The number of lines in the entries below holding the word "Sill" is all that is needed here.

= = = =

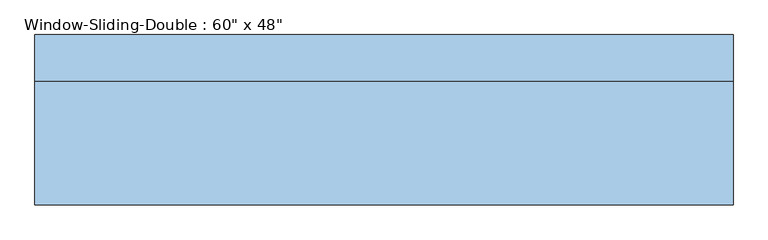
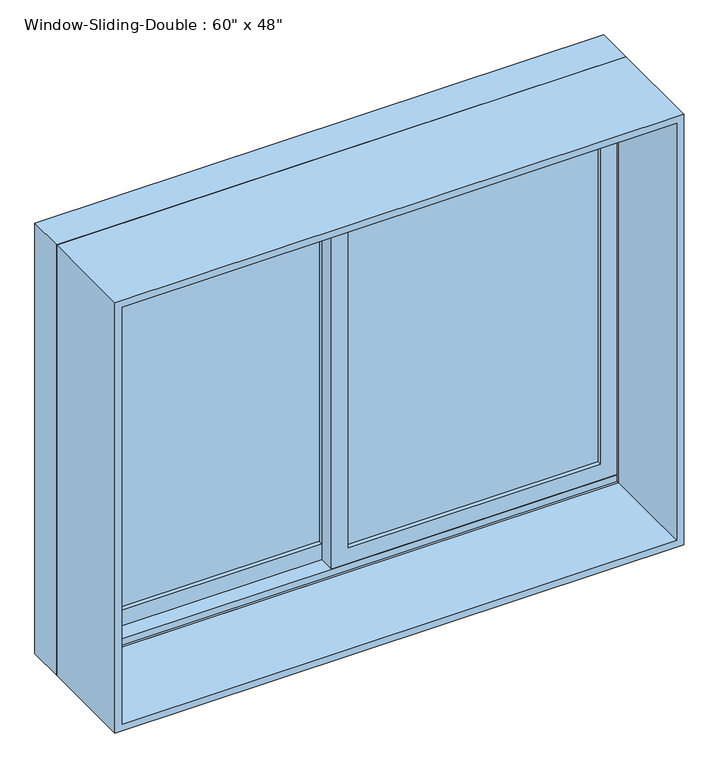
"""IFC4 building model written with IfcOpenShell, lengths in millimetres: window geometry."""

from ifc_helpers import new_model, si_unit, frame, origin, place, context, project, spatial, polyline, outline, extrude, faceted_brep, source, transform, mapped, element, save


def window_0d2bb1db(model_context):
    return source(origin(), model_context, "Body", "SolidModel", [
        faceted_brep([(-762.0, 89.8525, 914.4), (-762.0, 191.4525, 914.4), (762.0, 191.4525, 914.4), (762.0, 89.8525, 914.4), (-721.0778905, 191.4525, 2092.6778905), (-721.0778905, 185.1025, 2092.6778905), (-721.0778905, 185.1025, 933.45), (-721.0778905, 191.4525, 933.45), (721.0778905, 185.1025, 2092.6778905), (721.0778905, 185.1025, 933.45), (742.95, 185.1025, 933.45), (742.95, 185.1025, 2114.55), (-742.95, 185.1025, 2114.55), (-742.95, 185.1025, 933.45), (-742.95, 89.8525, 2114.55), (-742.95, 89.8525, 933.45), (-742.95, 96.2025, 933.45), (-742.95, 96.2025, 952.5), (-742.95, 140.6525, 952.5), (-742.95, 140.6525, 933.45), (762.0, 89.8525, 2133.6), (-762.0, 89.8525, 2133.6), (742.95, 89.8525, 2114.55), (742.95, 89.8525, 933.45), (-762.0, 191.4525, 2133.6), (762.0, 191.4525, 2133.6), (721.0778905, 191.4525, 933.45), (721.0778905, 191.4525, 2092.6778905), (742.95, 140.6525, 933.45), (742.95, 140.6525, 952.5), (742.95, 96.2025, 952.5), (742.95, 96.2025, 933.45)], [[[0, 1, 2, 3]], [[4, 5, 6, 7]], [[5, 8, 9, 10, 11, 12, 13, 6]], [[12, 14, 15, 16, 17, 18, 19, 13]], [[0, 3, 20, 21], [22, 23, 15, 14]], [[24, 1, 0, 21]], [[2, 1, 24, 25], [4, 7, 26, 27]], [[5, 4, 27, 8]], [[12, 11, 22, 14]], [[21, 20, 25, 24]], [[8, 27, 26, 9]], [[22, 11, 10, 28, 29, 30, 31, 23]], [[20, 3, 2, 25]], [[26, 7, 6, 13, 19, 28, 10, 9]], [[28, 19, 18, 29]], [[29, 18, 17, 30]], [[30, 17, 16, 31]], [[15, 23, 31, 16]]]),
        extrude(outline(polyline([(2133.6, -762.0), (914.4, -762.0), (914.4, 762.0), (2133.6, 762.0), (2133.6, -762.0)]), holes=[polyline([(2114.55, 742.95), (933.45, 742.95), (933.45, -742.95), (2114.55, -742.95), (2114.55, 742.95)])]), frame((0.0, -180.0225, 0.0), z_axis=(0.0, 1.0, 0.0), x_axis=(0.0, 0.0, 1.0)), (0.0, 0.0, 1.0), 269.875),
        extrude(outline(polyline([(698.5, 127.9525), (698.5, 121.6025), (22.225, 121.6025), (22.225, 127.9525), (698.5, 127.9525)])), frame((0.0, 0.0, 996.95), z_axis=(0.0, 0.0, 1.0), x_axis=(1.0, 0.0, 0.0)), (0.0, 0.0, 1.0), 1073.15),
        extrude(outline(polyline([(698.5, 115.2525), (698.5, 108.9025), (22.225, 108.9025), (22.225, 115.2525), (698.5, 115.2525)])), frame((0.0, 0.0, 996.95), z_axis=(0.0, 0.0, 1.0), x_axis=(1.0, 0.0, 0.0)), (0.0, 0.0, 1.0), 1073.15),
        extrude(outline(polyline([(-22.225, 172.4025), (-22.225, 166.0525), (-698.5, 166.0525), (-698.5, 172.4025), (-22.225, 172.4025)])), frame((0.0, 0.0, 996.95), z_axis=(0.0, 0.0, 1.0), x_axis=(1.0, 0.0, 0.0)), (0.0, 0.0, 1.0), 1073.15),
        extrude(outline(polyline([(-22.225, 159.7025), (-22.225, 153.3525), (-698.5, 153.3525), (-698.5, 159.7025), (-22.225, 159.7025)])), frame((0.0, 0.0, 996.95), z_axis=(0.0, 0.0, 1.0), x_axis=(1.0, 0.0, 0.0)), (0.0, 0.0, 1.0), 1073.15),
        extrude(outline(polyline([(933.45, -742.95), (933.45, 22.225), (2114.55, 22.225), (2114.55, -742.95), (933.45, -742.95)]), holes=[polyline([(2070.1, -22.225), (996.95, -22.225), (996.95, -698.5), (2070.1, -698.5), (2070.1, -22.225)])]), frame((0.0, 140.6525, 0.0), z_axis=(0.0, 1.0, 0.0), x_axis=(0.0, 0.0, 1.0)), (0.0, 0.0, 1.0), 44.45),
        extrude(outline(polyline([(952.5, 742.95), (2114.55, 742.95), (2114.55, -22.225), (952.5, -22.225), (952.5, 742.95)]), holes=[polyline([(996.95, 22.225), (2070.1, 22.225), (2070.1, 698.5), (996.95, 698.5), (996.95, 22.225)])]), frame((0.0, 96.2025, 0.0), z_axis=(0.0, 1.0, 0.0), x_axis=(0.0, 0.0, 1.0)), (0.0, 0.0, 1.0), 44.45),
    ])


if __name__ == "__main__":
    model = new_model("IFC4")
    model_context = context("Model", 3, world=origin())
    ifc_project = project(units=[si_unit("LENGTHUNIT", "METRE", prefix="MILLI")], contexts=[model_context])
    site = spatial("IfcSite", under=ifc_project)
    building = spatial("IfcBuilding", under=site)
    placement = place(None, origin())
    window_shape = window_0d2bb1db(model_context)
    element("IfcWindow", 1, ObjectType="Window-Sliding-Double : 60\" x 48\"", at=placement, inside=building, context=model_context, shape_type="MappedRepresentation", body=[
        mapped(window_shape, transform((0.0, 0.0, 0.0), x_axis=(1.0, 0.0, 0.0), y_axis=(0.0, 1.0, 0.0), z_axis=(0.0, 0.0, 1.0))),
    ])
    save(model, "model.ifc")

# Revit data of these elements
# Type "Window-Sliding-Double : 60\" x 48\""
#   Type Mark = "13"
#   Fire Rating = "0.5h"
#   Assembly Code = "B2020100"
#   Analytic Construction = "Double glazing - domestic"
#   Window Inset [instance default] = 0' - 0"
#   Wall Thickness [instance default] = 0' - 6"
#   Visual Light Transmittance = 0.81
#   Thermal Resistance (R) = 1.8146 (h·ft²·°F)/BTU
#   Solar Heat Gain Coefficient = 0.76
#   Muntin Width = 2' - 2 5/8"
#   Muntin Height = 3' - 6 1/4"
#   Interior Wall Closure [instance default] = 0' - 2 3/4"
#   Heat Transfer Coefficient (U) = 0.5511 BTU/(h·ft²·°F)
#   Frame Extension [instance default] = 0' - 0 1/4"
#   Exterior Wall Closure [instance default] = 0' - 1 1/4"
#   Rough Width = 5' - 0 1/2"
#   Rough Height = 4' - 0 1/2"
#   Height = 4' - 0"
#   Extension Jamb [instance default] = 0' - 2 3/4"
#   Default Sill Height = 3' - 0"
#   Width = 5' - 0"
#   Interior Trim Visibility [instance default] = yes
#   Indicator Visibility [instance default] = yes
#   Exterior Trim Visibility [instance default] = yes
#   Muntin Visibility = yes
#   Extension Jamb Visibility [instance default] = yes
#   Define Thermal Properties by = 1
#   Muntin Pattern = Muntin Pattern_2x2 : Muntin Pattern_2x2
#   Interior Trim Material = Cherry
#   Interior Trim = Trim-Window-Interior-Flat : Picture Frame
#   Interior Frame Material = Cherry
#   Glass Panel Material = Glass, Clear Glazing
#   Exterior Trim Material = PVC, Flexible
#   Exterior Trim = Trim-Window-Exterior-Flat : with Sill
#   Exterior Frame Material = PVC, Flexible
#   Wall Closure = (empty or 0)
# Element 1 (IfcWindow, "Window-Sliding-Double : 60\" x 48\"")
#   Wall Thickness = 1' - 1 7/8"
#   Extension Jamb = 0' - 10 5/8"
#   Materials on its faces: "Cherry", "Glass, Clear Glazing", "PVC, Flexible"
# Materials
#   "Cherry": class "Wood", colour RGB 157 77 38, transparency 0, Description = "Prunus Serotina", Cost = 0
#   "Glass, Clear Glazing": class "Glass", colour RGB 120 120 120, transparency 0, Description = "Clear glazing", Cost = 0
#   "PVC, Flexible": class "Plastic", colour RGB 178 178 178, transparency 0, Description = "Flexible polyvinyl chloride", Cost = 0
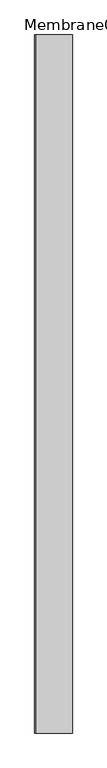
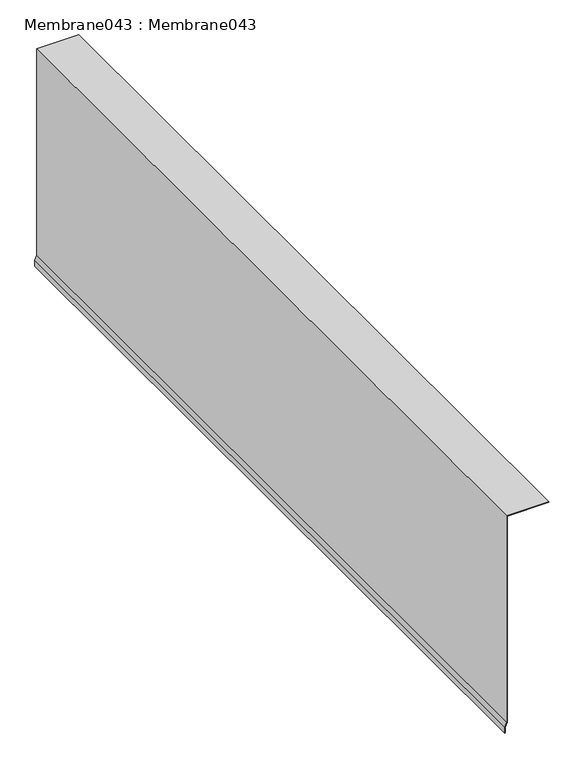
"""IFC4 building model written with IfcOpenShell, lengths in millimetres: proxy geometry, Membrane043 : Membrane043."""

from ifc_helpers import new_model, si_unit, frame, origin, place, context, project, spatial, polyline, outline, extrude, source, transform, mapped, element, save


def membrane043_membrane043_e69aa1f0(model_context):
    return source(origin(), model_context, "Body", "SweptSolid", [
        extrude(outline(polyline([(40115.330633, -9788.4545063), (40115.330633, -9892.1962891), (39579.4993977, -9892.1962891), (39568.2741325, -9896.2819515), (39552.6918208, -9896.2819515), (39552.6918208, -9895.2819515), (39568.0978055, -9895.2819515), (39579.3230707, -9891.1962891), (40114.330633, -9891.1962891), (40114.330633, -9788.4545063), (40115.330633, -9788.4545063)])), frame((0.0, 7182.1531721, 0.0), z_axis=(0.0, 1.0, 0.0), x_axis=(0.0, 0.0, 1.0)), (0.0, 0.0, 1.0), 2000.0),
    ])


if __name__ == "__main__":
    model = new_model("IFC4")
    model_context = context("Model", 3, world=origin())
    ifc_project = project(units=[si_unit("LENGTHUNIT", "METRE", prefix="MILLI")], contexts=[model_context])
    site = spatial("IfcSite", under=ifc_project)
    building = spatial("IfcBuilding", under=site)
    placement = place(None, origin())
    membrane043_membrane043_shape = membrane043_membrane043_e69aa1f0(model_context)
    element("IfcBuildingElementProxy", 1, Name="Membrane043 : Membrane043", ObjectType="Membrane043 : Membrane043", at=placement, inside=building, context=model_context, shape_type="MappedRepresentation", body=[
        mapped(membrane043_membrane043_shape, transform((0.0, 0.0, 0.0), x_axis=(1.0, 0.0, 0.0), y_axis=(0.0, 1.0, 0.0), z_axis=(0.0, 0.0, 1.0))),
    ])
    save(model, "model.ifc")

# Revit data of these elements
# Type "Membrane043 : Membrane043"
#   NameOverride = "Membrane043"
# Element 1 (IfcBuildingElementProxy, "Membrane043 : Membrane043")
#   Materials on its faces: "(2) LAYERS OF ICE & WATER SHIELD (BITUTHANE) UNDER STUCCO"
# Materials
#   "(2) LAYERS OF ICE & WATER SHIELD (BITUTHANE) UNDER STUCCO": class "Unassigned", colour RGB 186 255 159, transparency 0, Cost = 0
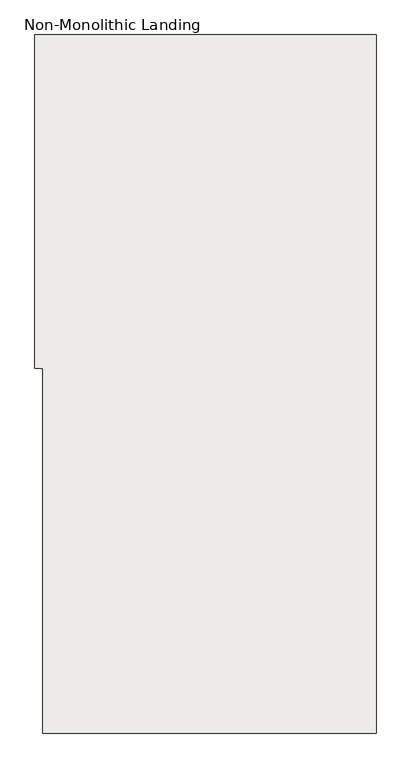
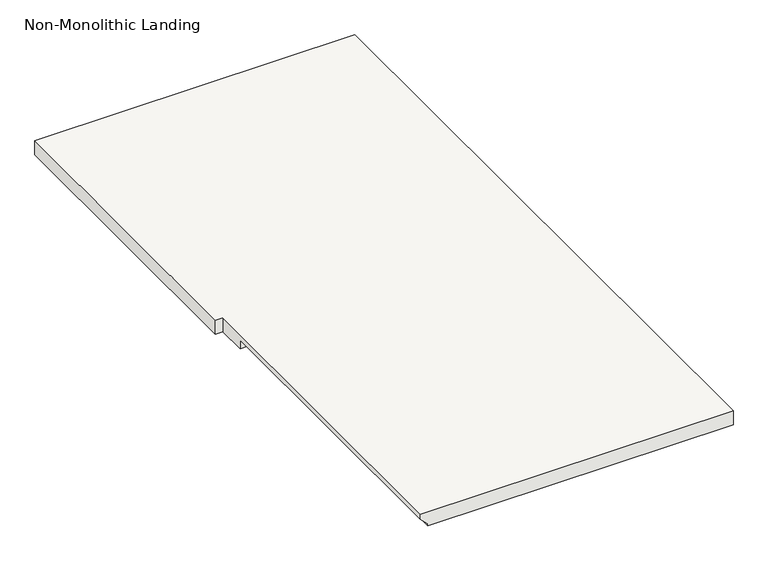
"""IFC4 building model written with IfcOpenShell, lengths in millimetres: slab geometry, Non-Monolithic Landing."""

from ifc_helpers import new_model, si_unit, origin, place, context, project, spatial, faceted_brep, source, transform, mapped, element, save


def non_monolithic_landing_0ff6e51a(model_context):
    return source(origin(), model_context, "Body", "Brep", [
        faceted_brep([(665981.788677, -551651.2413841, 1512.5013514), (665956.388677, -551651.2413841, 1537.9013514), (665956.388677, -550584.4413841, 1537.9013514), (665981.788677, -550584.4413841, 1512.5013514), (667023.188677, -551651.2413841, 1556.9513514), (667023.188677, -549416.0413841, 1556.9513514), (665956.388677, -549416.0413841, 1556.9513514), (665930.988677, -549416.0413841, 1556.9513514), (665930.988677, -550482.8413841, 1556.9513514), (665956.388677, -550482.8413841, 1556.9513514), (665956.388677, -551651.2413841, 1556.9513514), (665981.788677, -550584.4413841, 1506.1513514), (665956.388677, -550584.4413841, 1506.1513514), (665956.388677, -550482.8413841, 1506.1513514), (665930.988677, -550482.8413841, 1506.1513514), (665930.988677, -549416.0413841, 1506.1513514), (665956.388677, -549416.0413841, 1506.1513514), (667023.188677, -549416.0413841, 1506.1513514), (667023.188677, -551651.2413841, 1506.1513514), (665981.788677, -551651.2413841, 1506.1513514)], [[[0, 1, 2, 3]], [[4, 5, 6, 7, 8, 9, 10]], [[11, 12, 13, 14, 15, 16, 17, 18, 19]], [[12, 11, 3, 2]], [[11, 19, 0, 3]], [[4, 10, 1, 0, 19, 18]], [[5, 4, 18, 17]], [[6, 5, 17, 16]], [[7, 6, 16, 15]], [[8, 7, 15, 14]], [[9, 8, 14, 13]], [[10, 9, 13, 12, 2, 1]]]),
    ])


if __name__ == "__main__":
    model = new_model("IFC4")
    model_context = context("Model", 3, world=origin())
    ifc_project = project(units=[si_unit("LENGTHUNIT", "METRE", prefix="MILLI")], contexts=[model_context])
    site = spatial("IfcSite", under=ifc_project)
    building = spatial("IfcBuilding", under=site)
    placement = place(None, origin())
    non_monolithic_landing_shape = non_monolithic_landing_0ff6e51a(model_context)
    element("IfcSlab", 1, ObjectType="Non-Monolithic Landing", at=placement, inside=building, context=model_context, shape_type="MappedRepresentation", body=[
        mapped(non_monolithic_landing_shape, transform((0.0, 0.0, 0.0), x_axis=(1.0, 0.0, 0.0), y_axis=(0.0, 1.0, 0.0), z_axis=(0.0, 0.0, 1.0))),
    ])
    save(model, "model.ifc")

= = = =

■ **EXPECTED ANSWER**: 2